By Agency | July 15th 2020
President Frank-Walter Steinmeier of the Federal Republic of Germany and President Uhuru Kenyatta during the laying of the foundation stone for the construction of an industrial mechatronics centre at the Kiambu Institute of Science and Technology (PHOTO: Courtesy)

NAIROBI, KENYA: The World Youth Skills Day (WYSD 2020) is celebrated on July 15, every year. The United Nations invented day aims at spreading awareness of the importance that technical and vocational education, training, and the development of new skills holds in our lives and is relevant to both local and global economies.

The commemoration of WYSD 2020 is happening in an extremely challenging context. The Coronavirus (COVID-19) pandemic and lockdown measures have led to the worldwide closure of TVET institutions, threatening the continuity of skills development.

In Kenya, the nationwide closure of educational institutions disrupted learning and training of over 430,000 TVET trainees.

They are now home – mainly because practical skills and work-readiness aspects that are typically the hallmark of TVET training are challenging to deliver remotely as they require the use of equipment or materials that are institution-based.

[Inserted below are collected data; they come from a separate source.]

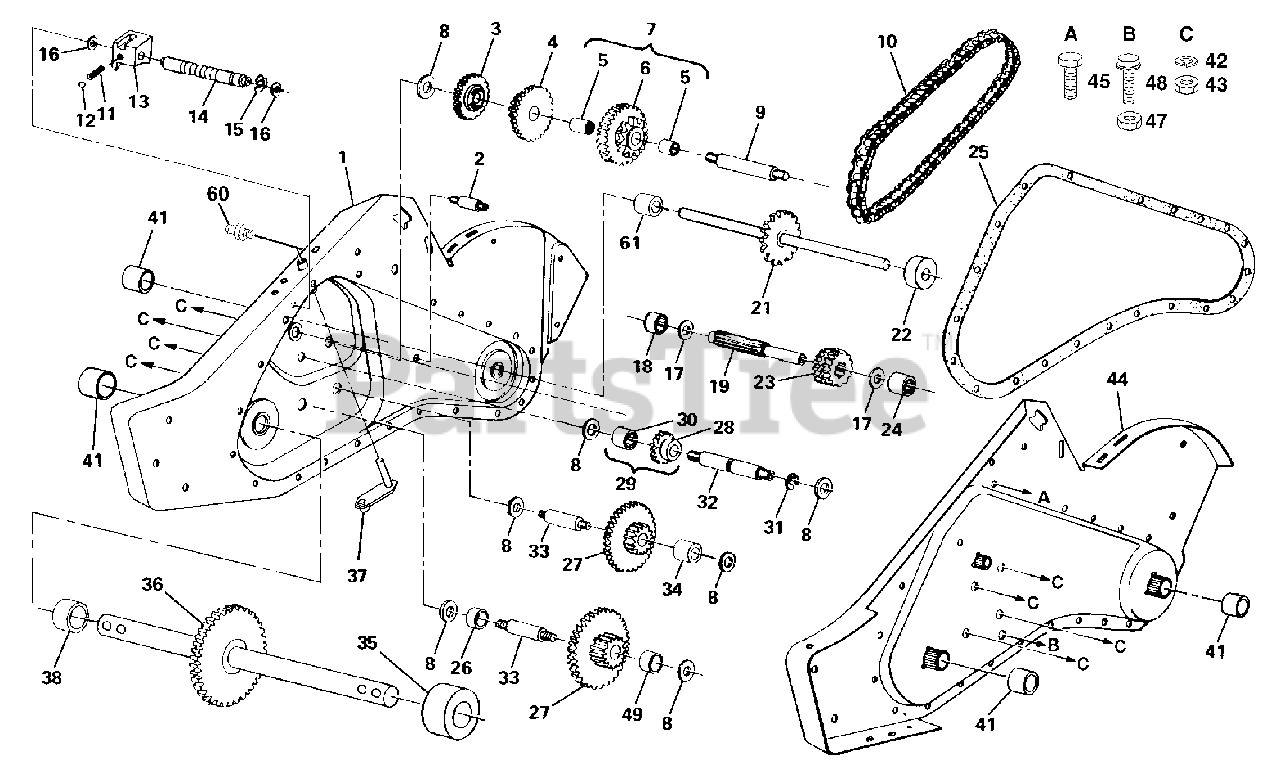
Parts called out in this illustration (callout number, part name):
1	Gearcase, R.H. w/Bearing
2	Spacer Gearcase
3	Gear Reverse
4	Gear, Cluster, Red 1st & 2nd
5	Bearing, Needle
6	Sprocket and Tine Assembly
7	Sprocket Assembly w/Bearing
9	Shaft, Reduction (1st)
10	Chain, Roller
11	Spring, Shift, Fork
12	Ball, Steel
13	Fork, Shift
14	Shaft, Reduction
15	Ring, Klip
16	Washer, Seal
17	Washer, Thrust 5/8 ID
18	Bearing, Needle
19	Shaft Input
21	Tine Shaft Assembly
22	Spacer 1,008 x 1-3/4 x 0,645
23	Pinion, Input
24	Bearing, Needle
25	Gasket, Gearcase
26	Spacer 0,765 I.D. x 1,12 x 5/8
27	Gear Cluster
28	Gear, Reverse Idler
29	Gear, Assembly, Reverse Idler
30	Bearing, Needle
31	Ring, Klip
32	Shaft, Reverse Idler
33	Shaft, Reduction (2nd)
34	Spacer 0,765 I.D. x 1-1/8 x 1-3/8
36	Shaft Assembly
37	Bracket, Asm.
41	Seal, Asm OIl
42	Push Nut 7/16
43	Nut, Hex 7/16-20
44	Gearcase, L.H. w/Bearing
45	Bolt 5/16-18 He Whs Hd Lckserr
47	Nut, Hex 5/16-18
48	Screw 5/16-18 x 4
49	Spacer 0.765 ID x 1.12 x 3/4
60	Fitting, Grease
61	Spacer 1.015 x 1.50 x .765

With the Ministry of Education planning to re-open TVET institutions in September this year in strict adherence to the Ministry of Health's guidelines for containing the virus, Zack Kinuthia, the Chief Administrative Secretary, Ministry of Education is upbeat affirming, “The training institutions are putting in place measures to curb the spread of the virus including flowing water, access to hand sanitisers and provision of face masks at subsidised costs.”

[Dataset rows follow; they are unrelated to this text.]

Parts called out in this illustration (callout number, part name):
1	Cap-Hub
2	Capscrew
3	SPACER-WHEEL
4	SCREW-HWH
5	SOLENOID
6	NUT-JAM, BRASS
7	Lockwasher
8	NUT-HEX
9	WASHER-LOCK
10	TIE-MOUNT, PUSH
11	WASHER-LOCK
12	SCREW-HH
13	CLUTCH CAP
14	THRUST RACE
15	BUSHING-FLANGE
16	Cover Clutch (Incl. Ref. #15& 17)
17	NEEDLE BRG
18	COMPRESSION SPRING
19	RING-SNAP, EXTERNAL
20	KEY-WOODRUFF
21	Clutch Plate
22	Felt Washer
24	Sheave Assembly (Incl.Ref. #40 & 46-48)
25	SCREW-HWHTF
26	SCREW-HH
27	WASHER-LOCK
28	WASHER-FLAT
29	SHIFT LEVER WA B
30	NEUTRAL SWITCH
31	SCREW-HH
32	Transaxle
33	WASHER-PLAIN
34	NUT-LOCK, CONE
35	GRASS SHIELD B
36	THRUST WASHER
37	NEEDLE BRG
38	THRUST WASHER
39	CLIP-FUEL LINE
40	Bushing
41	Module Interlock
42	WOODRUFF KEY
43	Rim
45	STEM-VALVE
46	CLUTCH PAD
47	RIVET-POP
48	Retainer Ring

Horst Bauernfeind, Programme Manager of the Promotion of Youth Employment and Vocational Training programme at GIZ notes that stronger collaboration between technical training institutions (TTIs) and the industry is key in equipping youth with impeccable skills to follow their passion, improve their economic prospects and promote development in Kenya.

“There is no better investment than helping a young person to develop their abilities,” Bauernfeind says.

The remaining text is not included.